9. Le PTP affecte les processus d’intégration régionale: ce modèle de négociation mine le développement des processus alternatifs régionaux d’intégration basés sur des principes de souveraineté qui se construisent actuellement en Amérique latine (notamment l’UNASUR et la CELAC) ainsi qu’entre les pays qui font partie de l’Association des Nations du Sud-Est de l’Asie (ASEAN).
Ces enjeux hautement sensibles sont présentement négociés en catimini dans le cadre du PTP, derrière le dos des citoyennes et citoyens. Par conséquent, nous, les organisations signataires, demandons:
· L’immédiate suspension des négociations du PTP jusqu’à ce que les termes des négociations soient rendus publics et qu’un processus de dialogue soit mis sur pied, avec des mécanismes d’information efficaces et transparents, qui favorise une participation de la société dans son ensemble, en particulier des secteurs qui seront potentiellement affectés par le PSP et pas uniquement des exportateurs et des investisseurs.
· Que le cadre des échanges commerciaux prenne acte des limites et des impacts négatifs qu’ont eu les ALÉ à ce jour. Nous lançons un appel aux gouvernements à ne pas accepter de nouvelles obligations qui puissent affecter nos droits en tant que citoyennes et citoyens.

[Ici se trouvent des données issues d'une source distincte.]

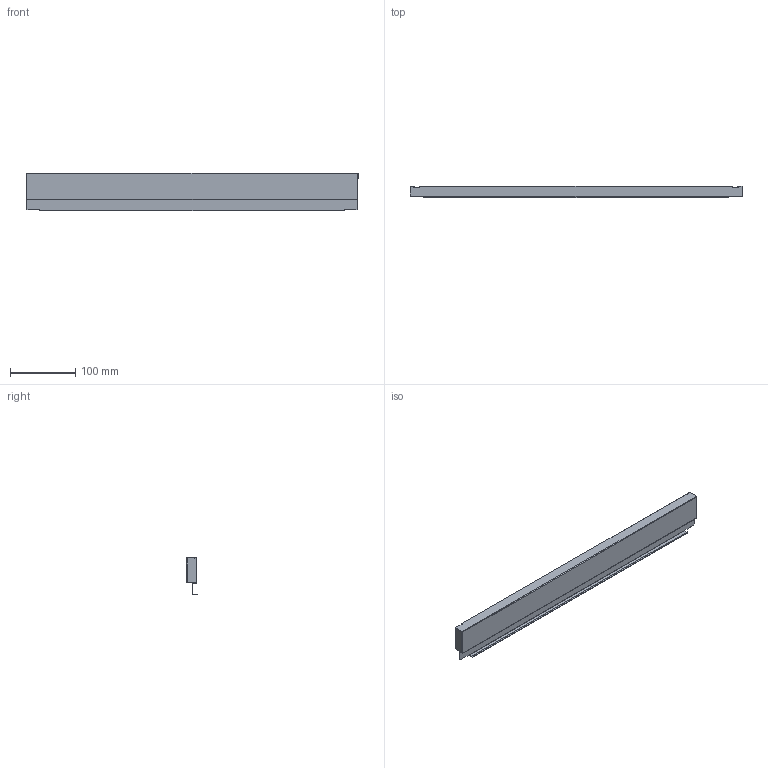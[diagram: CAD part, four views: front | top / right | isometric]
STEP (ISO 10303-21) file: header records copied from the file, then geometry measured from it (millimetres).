
FILE_DESCRIPTION (( 'STEP AP214' ), '1' );
FILE_NAME ('_STRW_H63_KAB_600.step', '2010-08-24T14:40:51', ( 'grass' ), ( '' ), 'SwSTEP 2.0', 'SolidWorks 2009', '' );
FILE_SCHEMA (( 'AUTOMOTIVE_DESIGN' ));
Length unit declared in the file: millimetre
Products named in the file (1): _STRW_H63_KAB_600
Bounding box: 510 x 17 x 58.14 mm (x, y, z)
Volume: 35597.5 mm3; surface area: 90020.2 mm2
Topology: 1 solids, 1 shells, 77 faces, 217 edges, 142 vertices
Faces by surface type: plane 54, cylinder 23
Entity records: 2507 total; most frequent: CARTESIAN_POINT 437, ORIENTED_EDGE 434, DIRECTION 419, EDGE_CURVE 217, LINE 171, VECTOR 171, VERTEX_POINT 142, AXIS2_PLACEMENT_3D 124

· Que promotion soit faite d’un modèle commercial qui soit basé sur la justice et qui garantisse un agenda de commerce et de protection des droits, assujetti aux standards des Pactes internationaux sur les droits humains, en particulier relatifs aux normes du travail décent et aux droits des travailleuses et des travailleurs, ainsi qu’à ceux des Peuples autochtones reconnus par l’OIT. Que le modèle de commerce permette les échanges de produits, entre autres manufacturés, qui respectent les conditions de travail décent sans affecter négativement l’environnement, tout en tenant compte des assymétries entre les différentes économies qui sont liées par des accords commerciaux.